建設業許可について
2009年12月
行政書士 安野光宣
はじめに
私は現在、行政書士として業務をしておりますが、2年前の商工会議所主催の創業塾で矢口支部長と知り合い、その縁で現在建設業研究会にオブザーバーとして参加させていただいております。参加させていただくようになってから約1年になりますが、毎回診断士の先生方の知識や業務に対する意識の高さに勉強させていただいております。
行政書士業務
行政書士は官公署に提出する書類の作成、提出を主業務として行っている方が多く(最近では相続、契約書作成、内容証明の作成などを中心に業務をしている方も増えてきています)特に建設業関係の書類作成に関しては昔から多くの行政書士が関わっている仕事であります。
私も建設業書類作成をメインにやっている一人であり、今回建設業許可についての基礎的な知識を発表させていただきました。
建設業許可とは
建設業を営むには原則許可が必要になります。建設業とは元請、下請を問わず建設工事の完成を請け負うことをいい、軽微な工事のみを請け負う場合を除き、営業を開始する前に建設業法による許可を受けなければなりません。
許可を受けなくても営業できる軽微な工事は建築一式工事では@工事1件の請負代金の額が1,500万円未満の工事(消費税相当額を含む)A請負代金の額にかかわらず、木造住宅(主要構造部が木造であり、主目的が居住の用に供するもの。店舗併用住宅の場合は延面積のうち1/2以上を居住の用に供するもの)で延面積150平方メートル未満の工事をさし、建築一式工事以外の工事では工事1件の請負代金の額が500万円未満の工事(消費税相当額を含む)とされており請負代金には発注者から支給された材料費も含めることとなっている。

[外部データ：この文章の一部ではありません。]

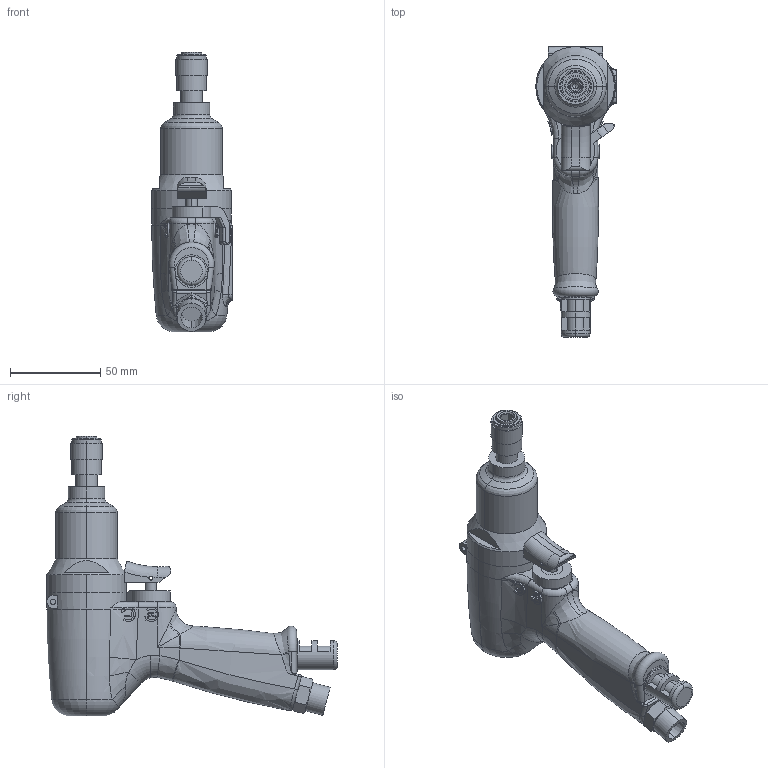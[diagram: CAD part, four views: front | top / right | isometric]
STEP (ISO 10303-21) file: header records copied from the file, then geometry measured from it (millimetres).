
FILE_DESCRIPTION (( 'STEP AP203' ), '1' );
FILE_NAME ('U-350D.STEP', '2006-09-04T00:25:59', ( '' ), ( '' ), 'SwSTEP 2.0', 'SolidWorks 2003240', '' );
FILE_SCHEMA (( 'CONFIG_CONTROL_DESIGN' ));
Length unit declared in the file: millimetre
Products named in the file (8): U-350D; 0113511_U-350D_蹬怮椔; 1771075_U-350D_蹬怮椔; 1963507_U-350D_蹬怮椔; 1924394_U-350D_蹬怮椔; 1770255_U-350D_蹬怮椔; 4802128_U-350D_蹬怮椔; 9810020_U-350D_蹬怮椔
Assembly tree (7 placements, depth 2):
  U-350D
    1963507_U-350D_蹬怮椔
    4802128_U-350D_蹬怮椔
    1771075_U-350D_蹬怮椔
    0113511_U-350D_蹬怮椔
    9810020_U-350D_蹬怮椔
    1924394_U-350D_蹬怮椔
    1770255_U-350D_蹬怮椔
Bounding box: 44.5 x 160.6 x 154.5 mm (x, y, z)
Volume: 249702.5 mm3; surface area: 43268 mm2
Topology: 7 solids, 7 shells, 628 faces, 1617 edges, 1030 vertices
Faces by surface type: plane 267, cylinder 149, bspline 148, torus 34, cone 28, sphere 2
Entity records: 51273 total; most frequent: CARTESIAN_POINT 36329, ORIENTED_EDGE 3208, DIRECTION 2482, EDGE_CURVE 1604, VERTEX_POINT 1027, AXIS2_PLACEMENT_3D 862, VECTOR 758, LINE 758

軽微な工事のみを請け負うことを想定すれば、許可を受けなくても業務はできますが、請負代金等の制約が出てくることから、建設業を営む事業者は許可を得ることが望ましく、また昨今では法令順守の観点から大手業者からの案件では許可を持っている業者を選定する流れになっております。
許可取得のポイント
許可取得のポイントについて簡単ではあるが、下記の順番で説明したい。
1、許可行政庁と許可区分
2、業種の種類
3、許可基準
1、許可行政庁と許可区分
まずは、建設業の許可の申請先ですが、それぞれの事業者の営業所在地によって異なります。営業所が単一の県内にある場合は、その所在する県庁に提出し、複数県にまたがる場合は主たる営業所が存する県を経由し国土交通大臣に申請することになります(いわゆる大臣許可です)この営業所という概念も建設業特有のものがあり、複数県にまたがるような場合は行政書士等の専門家に相談することをお勧めしたい。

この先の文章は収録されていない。